音频处理器MAX5406的原理与应用MAX5406是公司推出的一种音频处理器，该芯片内含双通道32阶(每级2 dB)对数式直流音量控制、分压式平衡控制、线性数字分压式低音、高音音调控制以及超低音、声像扩展和伪立体声控制。

MAX5406采纳Bi工艺，可采纳容易的回弹式按钮控制全部功能，且不再需要另外的微处理器举行功能转换；芯片的控制输入端具有防颤动功能，并可按照按钮持续按动时光的长短自动切换调整速率：小于32 ms 则推断为颤动而不予响应，小于1 s时仅转变1次，按钮按下并保持大于l s时，以4 Hz的速率举行调整，大于4 s则以16 Hz的速率举行调整：多个按钮同时按下则推断为误按而不予响应；器件的两套单端或差分立体声输入可相加或混合应用；上电时音量自动设定为-20 dB；用法时可选用单2.7～5.5 V或±2.7 V等操作；内置的被动式输入RF可防止高频信号进入扬声器，而噪声抑制功能则消退了开关机和调整过程中的可闻噪音。

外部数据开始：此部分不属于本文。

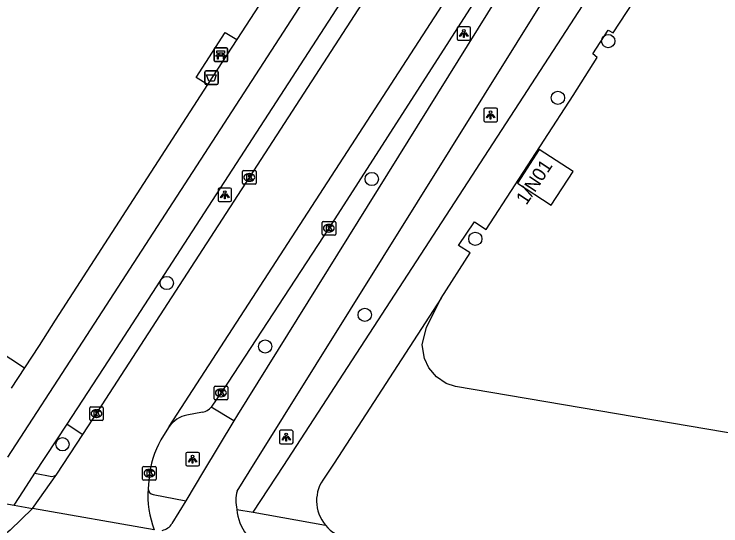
# Model space of a CAD drawing. Extents: x 161258 to 161838, y 380836 to 381727.
# Drawn here: x 161499.5 to 161551.5, y 380874.3 to 380912 of the extents above; entities that cross this region are included whole.
import ezdxf

# ---------------------------------------------------------------- set-up
doc = ezdxf.new("R2010")
doc.units = 0
for name, color, linetype in [('IMGEO_Afvalbak', 7, 'Continuous'), ('IMGEO_Bank', 7, 'Continuous'), ('IMGEO_Berm_open', 7, 'Continuous'), ('IMGEO_Boom', 7, 'Continuous'), ('IMGEO_Fietspad_gesloten', 7, 'Continuous'), ('IMGEO_Kolk', 7, 'Continuous'), ('IMGEO_Lichtpunt', 7, 'Continuous'), ('IMGEO_Loofbos', 7, 'Continuous'), ('IMGEO_Pand', 7, 'Continuous'), ('IMGEO_Pand_nummerreeks', 7, 'Continuous'), ('IMGEO_Parkeervlak_open', 7, 'Continuous'), ('IMGEO_Rijbaan_lokaal_gesloten', 7, 'Continuous'), ('IMGEO_Rijbaan_lokaal_open', 7, 'Continuous'), ('IMGEO_Voetpad_open', 7, 'Continuous')]:
    doc.layers.add(name, color=color, linetype=linetype)

msp = doc.modelspace()

# ---------------------------------------------------------------- linework, layer by layer
at = {"layer": 'IMGEO_Afvalbak'}
for p, q in [((161513.509, 380906.899), (161513.509, 380907.699)), ((161513.509, 380907.699), (161513.509, 380906.899)), ((161513.609, 380907.799), (161514.399, 380907.799)), ((161514.399, 380907.799), (161513.609, 380907.799)), ((161514.499, 380907.699), (161514.499, 380906.899)), ((161514.499, 380906.899), (161514.499, 380907.699)), ((161514.399, 380906.799), (161513.609, 380906.799)), ((161513.609, 380906.799), (161514.399, 380906.799))]:
    msp.add_line(p, q, dxfattribs=at)
msp.add_lwpolyline([(161513.652, 380907.513), (161514.356, 380907.513), (161514.207, 380907.043), (161513.801, 380907.043), (161513.652, 380907.513)], dxfattribs=at)
for centre, start, end in [((161513.609, 380907.699), 90, 180), ((161513.609, 380907.699), 90, 180), ((161514.399, 380907.699), 0, 90), ((161514.399, 380907.699), 360, 90), ((161513.609, 380906.899), 180, 270), ((161513.609, 380906.899), 180, 270), ((161514.399, 380906.899), 270, 0), ((161514.399, 380906.899), 270, 0)]:
    msp.add_arc(centre, 0.1, start, end, dxfattribs=at)
at = {"layer": 'IMGEO_Bank'}
for p, q in [((161514.196, 380908.562), (161514.196, 380909.403)), ((161514.196, 380909.403), (161514.196, 380908.562)), ((161514.271, 380909.487), (161515.112, 380909.487)), ((161515.112, 380909.487), (161514.271, 380909.487)), ((161515.196, 380909.412), (161515.196, 380908.571)), ((161515.196, 380908.571), (161515.196, 380909.412)), ((161514.893, 380908.885), (161514.5, 380908.885)), ((161514.505, 380908.993), (161514.505, 380909.099)), ((161514.549, 380909.099), (161514.549, 380908.993)), ((161514.837, 380909.105), (161514.555, 380909.105)), ((161514.555, 380908.987), (161514.837, 380908.987)), ((161514.843, 380908.993), (161514.843, 380909.099)), ((161514.887, 380909.099), (161514.887, 380908.993)), ((161515.121, 380908.487), (161514.28, 380908.487)), ((161514.28, 380908.487), (161515.121, 380908.487))]:
    msp.add_line(p, q, dxfattribs=at)
for points in [[(161514.499, 380909.105), (161514.413, 380909.105), (161514.413, 380909.266), (161514.976, 380909.266), (161514.976, 380909.105), (161514.893, 380909.105)], [(161514.443, 380908.885), (161514.301, 380908.885), (161514.413, 380908.987), (161514.499, 380908.987)], [(161514.493, 380908.878), (161514.493, 380908.671), (161514.45, 380908.671), (161514.45, 380908.878)], [(161514.893, 380908.987), (161514.976, 380908.987), (161515.088, 380908.885), (161514.949, 380908.885)], [(161514.943, 380908.878), (161514.943, 380908.671), (161514.899, 380908.671), (161514.899, 380908.878)]]:
    msp.add_lwpolyline(points, dxfattribs=at)
for centre, radius, start, end in [((161514.274, 380909.409), 0.0779, 92.4484, 184.2845), ((161514.274, 380909.409), 0.0779, 92.4484, 184.2845), ((161515.118, 380909.409), 0.0779, 2.4484, 94.2845), ((161515.118, 380909.409), 0.0779, 2.4484, 94.2845), ((161514.443, 380908.878), 0.00671, 2.8957, 87.1043), ((161514.5, 380908.878), 0.00671, 92.8957, 177.1043), ((161514.498, 380909.098), 0.00671, 2.8957, 87.1043), ((161514.498, 380908.994), 0.00671, 272.8957, 357.1043), ((161514.555, 380909.098), 0.00671, 92.8957, 177.1043), ((161514.555, 380908.994), 0.00671, 182.8957, 267.1043), ((161514.837, 380909.098), 0.00671, 2.8957, 87.1043), ((161514.837, 380908.994), 0.00671, 272.8957, 357.1043), ((161514.894, 380909.098), 0.00671, 92.8957, 177.1043), ((161514.894, 380908.994), 0.00671, 182.8957, 267.1043), ((161514.892, 380908.878), 0.00671, 2.8957, 87.1043), ((161514.949, 380908.878), 0.00671, 92.8957, 177.1043), ((161514.274, 380908.565), 0.0779, 182.4484, 274.2845), ((161514.274, 380908.565), 0.0779, 182.4484, 274.2845), ((161515.118, 380908.565), 0.0779, 272.4484, 4.2845), ((161515.118, 380908.565), 0.0779, 272.4484, 4.2845)]:
    msp.add_arc(centre, radius, start, end, dxfattribs=at)
at = {"layer": 'IMGEO_Berm_open'}
for points in [[(161515.665, 380882.025), (161513.994, 380883.019)], [(161503.381, 380881.765), (161504.523, 380881.003)]]:
    msp.add_lwpolyline(points, dxfattribs=at)
at = {"layer": 'IMGEO_Boom'}
for centre in [(161543.23, 380909.996), (161539.52, 380905.815), (161525.812, 380899.834), (161533.438, 380895.426), (161510.714, 380892.174), (161525.296, 380889.829), (161517.964, 380887.496), (161503.037, 380880.295)]:
    msp.add_circle(centre, 0.489, dxfattribs=at)
at = {"layer": 'IMGEO_Fietspad_gesloten'}
for points in [[(161581.633, 381006.84), (161581.562, 381006.731), (161578.938, 381002.688), (161504.207, 380887.394), (161498.991, 380879.345)], [(161503.381, 380881.765), (161506.413, 380886.439), (161550.334, 380954.192)], [(161515.901, 380876.852), (161516.774, 380878.276), (161548.922, 380929.776)], [(161544.685, 380928.722), (161515.927, 380882.459), (161515.665, 380882.025)], [(161500.997, 380878.155), (161503.381, 380881.765)], [(161515.665, 380882.025), (161513.423, 380878.315), (161512.107, 380876.132)], [(161499.475, 380875.817), (161500.162, 380876.872), (161500.997, 380878.155)], [(161493.75, 380876.843), (161499.475, 380875.817)], [(161512.107, 380876.132), (161511.097, 380874.45)], [(161499.475, 380875.817), (161500.831, 380875.559)]]:
    msp.add_lwpolyline(points, dxfattribs=at)
for centre, radius, start, end in [((161518.371, 380876.13), 2.573, 163.6962, 194.0955), ((161519.303, 380875.735), 3.436, 183.8772, 251.2929), ((161510.153, 380875.047), 1.117, 281.9457, 327.7033)]:
    msp.add_arc(centre, radius, start, end, dxfattribs=at)
at = {"layer": 'IMGEO_Kolk'}
for p, q in [((161516.288, 380899.528), (161516.288, 380900.38)), ((161516.363, 380900.454), (161517.215, 380900.454)), ((161517.289, 380900.38), (161517.289, 380899.528)), ((161516.776, 380900.234), (161516.801, 380900.234)), ((161517.215, 380899.454), (161516.363, 380899.454)), ((161516.799, 380899.674), (161516.774, 380899.674)), ((161522.227, 380896.707), (161523.079, 380896.707)), ((161522.152, 380895.781), (161522.152, 380896.633)), ((161522.64, 380896.487), (161522.665, 380896.487)), ((161523.153, 380896.633), (161523.153, 380895.781)), ((161523.079, 380895.707), (161522.227, 380895.707)), ((161522.663, 380895.927), (161522.638, 380895.927)), ((161514.201, 380883.652), (161514.201, 380884.504)), ((161514.276, 380884.578), (161515.128, 380884.578)), ((161514.689, 380884.358), (161514.714, 380884.358)), ((161515.202, 380884.504), (161515.202, 380883.652)), ((161514.712, 380883.798), (161514.687, 380883.798)), ((161515.128, 380883.578), (161514.276, 380883.578)), ((161505.038, 380882.127), (161505.038, 380882.979)), ((161505.113, 380883.053), (161505.965, 380883.053)), ((161505.526, 380882.833), (161505.551, 380882.833)), ((161506.039, 380882.979), (161506.039, 380882.127)), ((161505.549, 380882.273), (161505.524, 380882.273)), ((161505.965, 380882.053), (161505.113, 380882.053)), ((161508.938, 380877.737), (161508.938, 380878.589)), ((161509.013, 380878.663), (161509.865, 380878.663)), ((161509.426, 380878.443), (161509.451, 380878.443)), ((161509.939, 380878.589), (161509.939, 380877.737)), ((161509.865, 380877.663), (161509.013, 380877.663)), ((161509.449, 380877.883), (161509.424, 380877.883))]:
    msp.add_line(p, q, dxfattribs=at)
for points in [[(161516.288, 380899.528), (161516.288, 380900.38)], [(161516.363, 380900.454), (161517.215, 380900.454)], [(161517.289, 380900.38), (161517.289, 380899.528)], [(161516.609, 380900.154), (161516.732, 380900.154), (161516.732, 380900.003), (161516.862, 380900.154), (161517.026, 380900.154), (161516.88, 380900.003), (161517.033, 380899.754), (161516.881, 380899.754), (161516.796, 380899.918), (161516.732, 380899.851), (161516.732, 380899.754), (161516.609, 380899.754), (161516.609, 380900.154)], [(161517.215, 380899.454), (161516.363, 380899.454)], [(161522.227, 380896.707), (161523.079, 380896.707)], [(161522.152, 380895.781), (161522.152, 380896.633)], [(161522.473, 380896.407), (161522.596, 380896.407), (161522.596, 380896.256), (161522.726, 380896.407), (161522.89, 380896.407), (161522.744, 380896.256), (161522.897, 380896.007), (161522.745, 380896.007), (161522.66, 380896.171), (161522.596, 380896.104), (161522.596, 380896.007), (161522.473, 380896.007), (161522.473, 380896.407)], [(161523.153, 380896.633), (161523.153, 380895.781)], [(161523.079, 380895.707), (161522.227, 380895.707)], [(161514.201, 380883.652), (161514.201, 380884.504)], [(161514.276, 380884.578), (161515.128, 380884.578)], [(161514.522, 380884.278), (161514.645, 380884.278), (161514.645, 380884.127), (161514.775, 380884.278), (161514.939, 380884.278), (161514.793, 380884.127), (161514.946, 380883.878), (161514.794, 380883.878), (161514.709, 380884.042), (161514.645, 380883.975), (161514.645, 380883.878), (161514.522, 380883.878), (161514.522, 380884.278)], [(161515.202, 380884.504), (161515.202, 380883.652)], [(161515.128, 380883.578), (161514.276, 380883.578)], [(161505.038, 380882.127), (161505.038, 380882.979)], [(161505.113, 380883.053), (161505.965, 380883.053)], [(161505.359, 380882.753), (161505.482, 380882.753), (161505.482, 380882.602), (161505.612, 380882.753), (161505.776, 380882.753), (161505.63, 380882.602), (161505.783, 380882.353), (161505.631, 380882.353), (161505.546, 380882.517), (161505.482, 380882.45), (161505.482, 380882.353), (161505.359, 380882.353), (161505.359, 380882.753)], [(161506.039, 380882.979), (161506.039, 380882.127)], [(161505.965, 380882.053), (161505.113, 380882.053)], [(161508.938, 380877.737), (161508.938, 380878.589)], [(161509.013, 380878.663), (161509.865, 380878.663)], [(161509.939, 380878.589), (161509.939, 380877.737)], [(161509.259, 380878.363), (161509.382, 380878.363), (161509.382, 380878.212), (161509.512, 380878.363), (161509.676, 380878.363), (161509.53, 380878.212), (161509.683, 380877.963), (161509.531, 380877.963), (161509.446, 380878.127), (161509.382, 380878.06), (161509.382, 380877.963), (161509.259, 380877.963), (161509.259, 380878.363)], [(161509.865, 380877.663), (161509.013, 380877.663)]]:
    msp.add_lwpolyline(points, dxfattribs=at)
for centre, start, end in [((161516.365, 380900.378), 91.552, 178.448), ((161516.365, 380900.378), 91.552, 178.448), ((161517.213, 380900.378), 1.552, 88.448), ((161517.213, 380900.378), 1.552, 88.448), ((161516.365, 380899.53), 181.552, 268.448), ((161516.365, 380899.53), 181.552, 268.448), ((161517.213, 380899.53), 271.552, 358.448), ((161517.213, 380899.53), 271.552, 358.448), ((161522.229, 380896.631), 91.552, 178.448), ((161522.229, 380896.631), 91.552, 178.448), ((161523.077, 380896.631), 1.552, 88.448), ((161523.077, 380896.631), 1.552, 88.448), ((161522.229, 380895.783), 181.552, 268.448), ((161522.229, 380895.783), 181.552, 268.448), ((161523.077, 380895.783), 271.552, 358.448), ((161523.077, 380895.783), 271.552, 358.448), ((161514.278, 380884.502), 91.552, 178.448), ((161514.278, 380884.502), 91.552, 178.448), ((161515.126, 380884.502), 1.552, 88.448), ((161515.126, 380884.502), 1.552, 88.448), ((161514.278, 380883.654), 181.552, 268.448), ((161514.278, 380883.654), 181.552, 268.448), ((161515.126, 380883.654), 271.552, 358.448), ((161515.126, 380883.654), 271.552, 358.448), ((161505.115, 380882.977), 91.552, 178.448), ((161505.115, 380882.977), 91.552, 178.448), ((161505.963, 380882.977), 1.552, 88.448), ((161505.963, 380882.977), 1.552, 88.448), ((161505.115, 380882.129), 181.552, 268.448), ((161505.115, 380882.129), 181.552, 268.448), ((161505.963, 380882.129), 271.552, 358.448), ((161505.963, 380882.129), 271.552, 358.448), ((161509.015, 380878.587), 91.552, 178.448), ((161509.015, 380878.587), 91.552, 178.448), ((161509.863, 380878.587), 1.552, 88.448), ((161509.863, 380878.587), 1.552, 88.448), ((161509.015, 380877.739), 181.552, 268.448), ((161509.015, 380877.739), 181.552, 268.448), ((161509.863, 380877.739), 271.552, 358.448), ((161509.863, 380877.739), 271.552, 358.448)]:
    msp.add_arc(centre, 0.0765, start, end, dxfattribs=at)
for centre, major_axis, ratio, start_param, end_param in [((161516.775, 380899.954), (-0.387, 0.002), 0.722429, 4.712389, 7.853982), ((161516.8, 380899.954), (-0.39, 0.002), 0.717154, 1.570796, 4.712389), ((161522.639, 380896.207), (-0.387, 0.002), 0.722429, 4.712389, 7.853982), ((161522.664, 380896.207), (-0.39, 0.002), 0.717154, 1.570796, 4.712389), ((161514.688, 380884.078), (-0.387, 0.002), 0.722429, 4.712389, 7.853982), ((161514.713, 380884.078), (-0.39, 0.002), 0.717154, 1.570796, 4.712389), ((161505.525, 380882.553), (-0.387, 0.002), 0.722429, 4.712389, 7.853982), ((161505.55, 380882.553), (-0.39, 0.002), 0.717154, 1.570796, 4.712389), ((161509.425, 380878.163), (-0.387, 0.002), 0.722429, 4.712389, 7.853982), ((161509.45, 380878.163), (-0.39, 0.002), 0.717154, 1.570796, 4.712389)]:
    msp.add_ellipse(centre, major_axis=major_axis, ratio=ratio, start_param=start_param, end_param=end_param, dxfattribs=at)
at = {"layer": 'IMGEO_Lichtpunt'}
for p, q in [((161532.09, 380910.954), (161532.09, 380910.147)), ((161532.09, 380910.954), (161532.09, 380910.147)), ((161532.992, 380911.049), (161532.184, 380911.049)), ((161532.992, 380911.049), (161532.184, 380911.049)), ((161533.086, 380910.147), (161533.086, 380910.954)), ((161533.086, 380910.147), (161533.086, 380910.954)), ((161532.184, 380910.053), (161532.992, 380910.053)), ((161532.184, 380910.053), (161532.992, 380910.053)), ((161534.968, 380905.053), (161534.16, 380905.053)), ((161534.968, 380905.053), (161534.16, 380905.053)), ((161534.066, 380904.958), (161534.066, 380904.151)), ((161534.066, 380904.958), (161534.066, 380904.151)), ((161535.062, 380904.151), (161535.062, 380904.958)), ((161535.062, 380904.151), (161535.062, 380904.958)), ((161534.16, 380904.057), (161534.968, 380904.057)), ((161534.16, 380904.057), (161534.968, 380904.057)), ((161514.489, 380899.076), (161514.489, 380898.269)), ((161514.489, 380899.076), (161514.489, 380898.269)), ((161515.391, 380899.171), (161514.583, 380899.171)), ((161515.391, 380899.171), (161514.583, 380899.171)), ((161515.485, 380898.269), (161515.485, 380899.076)), ((161515.485, 380898.269), (161515.485, 380899.076)), ((161514.583, 380898.175), (161515.391, 380898.175)), ((161514.583, 380898.175), (161515.391, 380898.175)), ((161519.017, 380881.228), (161519.017, 380880.421)), ((161519.017, 380881.228), (161519.017, 380880.421)), ((161519.919, 380881.323), (161519.111, 380881.323)), ((161519.919, 380881.323), (161519.111, 380881.323)), ((161520.013, 380880.421), (161520.013, 380881.228)), ((161520.013, 380880.421), (161520.013, 380881.228)), ((161519.111, 380880.327), (161519.919, 380880.327)), ((161519.111, 380880.327), (161519.919, 380880.327)), ((161512.119, 380879.605), (161512.119, 380878.798)), ((161512.119, 380879.605), (161512.119, 380878.798)), ((161513.021, 380879.7), (161512.213, 380879.7)), ((161513.021, 380879.7), (161512.213, 380879.7)), ((161513.115, 380878.798), (161513.115, 380879.605)), ((161513.115, 380878.798), (161513.115, 380879.605)), ((161512.213, 380878.704), (161513.021, 380878.704)), ((161512.213, 380878.704), (161513.021, 380878.704))]:
    msp.add_line(p, q, dxfattribs=at)
for points in [[(161532.464, 380910.618), (161532.503, 380910.59), (161532.315, 380910.328), (161532.277, 380910.355), (161532.464, 380910.618)], [(161532.566, 380910.57), (161532.613, 380910.57), (161532.613, 380910.248), (161532.566, 380910.248), (161532.566, 380910.57)], [(161532.676, 380910.59), (161532.714, 380910.617), (161532.901, 380910.355), (161532.862, 380910.327), (161532.676, 380910.59)], [(161534.44, 380904.622), (161534.479, 380904.594), (161534.291, 380904.332), (161534.253, 380904.359), (161534.44, 380904.622)], [(161534.542, 380904.574), (161534.589, 380904.574), (161534.589, 380904.252), (161534.542, 380904.252), (161534.542, 380904.574)], [(161534.652, 380904.594), (161534.69, 380904.621), (161534.877, 380904.359), (161534.838, 380904.331), (161534.652, 380904.594)], [(161514.863, 380898.74), (161514.902, 380898.712), (161514.714, 380898.45), (161514.676, 380898.477), (161514.863, 380898.74)], [(161515.075, 380898.712), (161515.113, 380898.739), (161515.3, 380898.477), (161515.261, 380898.449), (161515.075, 380898.712)], [(161514.965, 380898.692), (161515.012, 380898.692), (161515.012, 380898.37), (161514.965, 380898.37), (161514.965, 380898.692)], [(161519.391, 380880.892), (161519.43, 380880.864), (161519.242, 380880.602), (161519.204, 380880.629), (161519.391, 380880.892)], [(161519.493, 380880.844), (161519.54, 380880.844), (161519.54, 380880.522), (161519.493, 380880.522), (161519.493, 380880.844)], [(161519.603, 380880.864), (161519.641, 380880.891), (161519.828, 380880.629), (161519.789, 380880.601), (161519.603, 380880.864)], [(161512.493, 380879.269), (161512.532, 380879.241), (161512.344, 380878.979), (161512.306, 380879.006), (161512.493, 380879.269)], [(161512.595, 380879.221), (161512.642, 380879.221), (161512.642, 380878.899), (161512.595, 380878.899), (161512.595, 380879.221)], [(161512.705, 380879.241), (161512.743, 380879.268), (161512.93, 380879.006), (161512.891, 380878.978), (161512.705, 380879.241)]]:
    msp.add_lwpolyline(points, dxfattribs=at)
for centre in [(161532.589, 380910.752), (161534.565, 380904.756), (161514.988, 380898.874), (161519.516, 380881.026), (161512.618, 380879.403)]:
    msp.add_circle(centre, 0.0994, dxfattribs=at)
for centre, start, end in [((161532.184, 380910.954), 90, 180), ((161532.184, 380910.954), 90, 180), ((161532.992, 380910.954), 0, 90), ((161532.992, 380910.954), 0, 90), ((161532.184, 380910.147), 180, 270), ((161532.184, 380910.147), 180, 270), ((161532.992, 380910.147), 270, 0), ((161532.992, 380910.147), 270, 360), ((161534.16, 380904.958), 90, 180), ((161534.16, 380904.958), 90, 180), ((161534.968, 380904.958), 0, 90), ((161534.968, 380904.958), 0, 90), ((161534.16, 380904.151), 180, 270), ((161534.16, 380904.151), 180, 270), ((161534.968, 380904.151), 270, 0), ((161534.968, 380904.151), 270, 360), ((161514.583, 380899.076), 90, 180), ((161514.583, 380899.076), 90, 180), ((161515.391, 380899.076), 0, 90), ((161515.391, 380899.076), 0, 90), ((161514.583, 380898.269), 180, 270), ((161514.583, 380898.269), 180, 270), ((161515.391, 380898.269), 270, 0), ((161515.391, 380898.269), 270, 360), ((161519.111, 380881.228), 90, 180), ((161519.111, 380881.228), 90, 180), ((161519.919, 380881.228), 0, 90), ((161519.919, 380881.228), 0, 90), ((161519.111, 380880.421), 180, 270), ((161519.111, 380880.421), 180, 270), ((161519.919, 380880.421), 270, 0), ((161519.919, 380880.421), 270, 360), ((161512.213, 380879.605), 90, 180), ((161512.213, 380879.605), 90, 180), ((161513.021, 380879.605), 0, 90), ((161513.021, 380879.605), 0, 90), ((161512.213, 380878.798), 180, 270), ((161512.213, 380878.798), 180, 270), ((161513.021, 380878.798), 270, 0), ((161513.021, 380878.798), 270, 360)]:
    msp.add_arc(centre, 0.0946, start, end, dxfattribs=at)
at = {"layer": 'IMGEO_Loofbos'}
msp.add_lwpolyline([(161635.09, 380867.033), (161531.988, 380884.543), (161531.3, 380884.776), (161530.573, 380885.257), (161530.003, 380885.931), (161529.683, 380886.616), (161529.531, 380887.614), (161529.831, 380888.91), (161530.918, 380891.057)], dxfattribs=at)
at = {"layer": 'IMGEO_Pand'}
msp.add_lwpolyline([(161539.026, 380897.897), (161540.639, 380900.399), (161538.15, 380902.004), (161536.533, 380899.52), (161539.026, 380897.897)], dxfattribs=at)
at = {"layer": 'IMGEO_Parkeervlak_open'}
for points in [[(161543.938, 380929.207), (161533.683, 380913.408), (161522.653, 380896.207), (161515.229, 380884.867), (161513.994, 380883.019)], [(161513.356, 380882.654), (161512.202, 380882.451)]]:
    msp.add_lwpolyline(points, dxfattribs=at)
for centre, radius, start, end in [((161513.037, 380883.952), 1.336, 283.8088, 315.739), ((161512.682, 380880.278), 2.226, 102.4631, 143.6797)]:
    msp.add_arc(centre, radius, start, end, dxfattribs=at)
at = {"layer": 'IMGEO_Rijbaan_lokaal_gesloten'}
for points in [[(161500.831, 380875.559), (161499.175, 380873.962), (161497.056, 380872.257)], [(161509.795, 380873.992), (161500.831, 380875.559)]]:
    msp.add_lwpolyline(points, dxfattribs=at)
at = {"layer": 'IMGEO_Rijbaan_lokaal_open'}
for points in [[(161504.523, 380881.003), (161505.64, 380882.718), (161544.901, 380943.304)], [(161510.889, 380881.596), (161543.871, 380932.477)], [(161510.889, 380881.596), (161510.462, 380880.94)], [(161502.618, 380878.101), (161504.523, 380881.003)], [(161500.831, 380875.559), (161502.618, 380878.101)], [(161509.439, 380878.163), (161509.332, 380877.038)]]:
    msp.add_lwpolyline(points, dxfattribs=at)
for centre, radius, start, end in [((161516.644, 380877.086), 7.285, 148.0576, 171.4966), ((161516.448, 380876.561), 7.132, 176.1683, 201.1176)]:
    msp.add_arc(centre, radius, start, end, dxfattribs=at)
at = {"layer": 'IMGEO_Voetpad_open'}
for points in [[(161578.923, 381007.348), (161578.828, 381007.201), (161576.218, 381003.146), (161558.236, 380975.49), (161556.737, 380973.185), (161556.123, 380972.241), (161554.834, 380970.332), (161546.174, 380956.722), (161540.302, 380947.69), (161515.878, 380910.106)], [(161530.918, 380891.057), (161533.069, 380894.385), (161532.197, 380894.942), (161533.387, 380896.677), (161534.24, 380896.125), (161540.643, 380905.976), (161542.416, 380908.796), (161542.1, 380909.047), (161543.218, 380910.801), (161543.578, 380910.592), (161547.061, 380915.899), (161546.55, 380916.226), (161547.209, 380917.209), (161547.753, 380916.964), (161553.165, 380925.238), (161553.779, 380926.192), (161556.537, 380930.473), (161579.588, 380966.248), (161580.753, 380968.057)], [(161517.075, 380875.292), (161519.332, 380878.728), (161551.434, 380928.192), (161548.922, 380929.776)], [(161513.725, 380906.807), (161512.888, 380907.32), (161515.02, 380910.631), (161515.878, 380910.106)], [(161515.878, 380910.106), (161513.725, 380906.807)], [(161513.725, 380906.807), (161502.49, 380889.425), (161501.31, 380887.571), (161500.227, 380885.918)], [(161530.918, 380891.057), (161523.047, 380878.902), (161522.349, 380877.864)], [(161494.323, 380889.817), (161500.227, 380885.918)], [(161500.227, 380885.918), (161499.245, 380884.419)], [(161500.997, 380878.155), (161502.242, 380877.925)], [(161509.724, 380876.591), (161512.107, 380876.132)], [(161515.875, 380875.503), (161517.075, 380875.292)], [(161517.075, 380875.292), (161522.407, 380874.328)]]:
    msp.add_lwpolyline(points, dxfattribs=at)
for centre, radius, start, end in [((161502.237, 380878.424), 0.499, 270.5209, 319.6463), ((161524.538, 380876.131), 2.792, 141.636, 220.2435), ((161509.788, 380877.043), 0.456, 180.5672, 261.9316), ((161524.535, 380876.125), 2.785, 220.1883, 260.6686)]:
    msp.add_arc(centre, radius, start, end, dxfattribs=at)

# ---------------------------------------------------------------- texts
at = {"layer": 'IMGEO_Pand_nummerreeks'}
msp.add_text('1/N01', height=1, rotation=56.464, dxfattribs=at).set_placement((161537.198, 380897.859))

doc.saveas('drawing.dxf')

MAX5406具有功能完美、操作界面友好、保真度高、线路简洁等特点，适合在汽车音响、便携式播放器、平板电视以及计算机等音响系统中应用。

1 引脚功能与内部结构MAX5406采纳48脚TSSOP和TOFN两种封装，两种封装功能相同，仅引脚排序不同。

采纳TSSOP48封装的MAX5406引脚名称与功能见表1所列，芯片全部输入端均被内部50 kΩ上拉至规律电压VLOGIC。

2 工作原理2.1 音量控制与平衡控制通过MAX5406可实现按钮每按动一次转变2dB的对数型分压式音量电平控制。

调整时。

左右通道将同时升降，因而左右平衡不受影响且可保持音量开头调整时的状态。

MAX5406采纳双分压计来调整左右声道的平衡。

按BALR一次，右通道提升1 dB而左声道衰减1 dB，其结果将导致右声道比左声道音量大第1页共4页。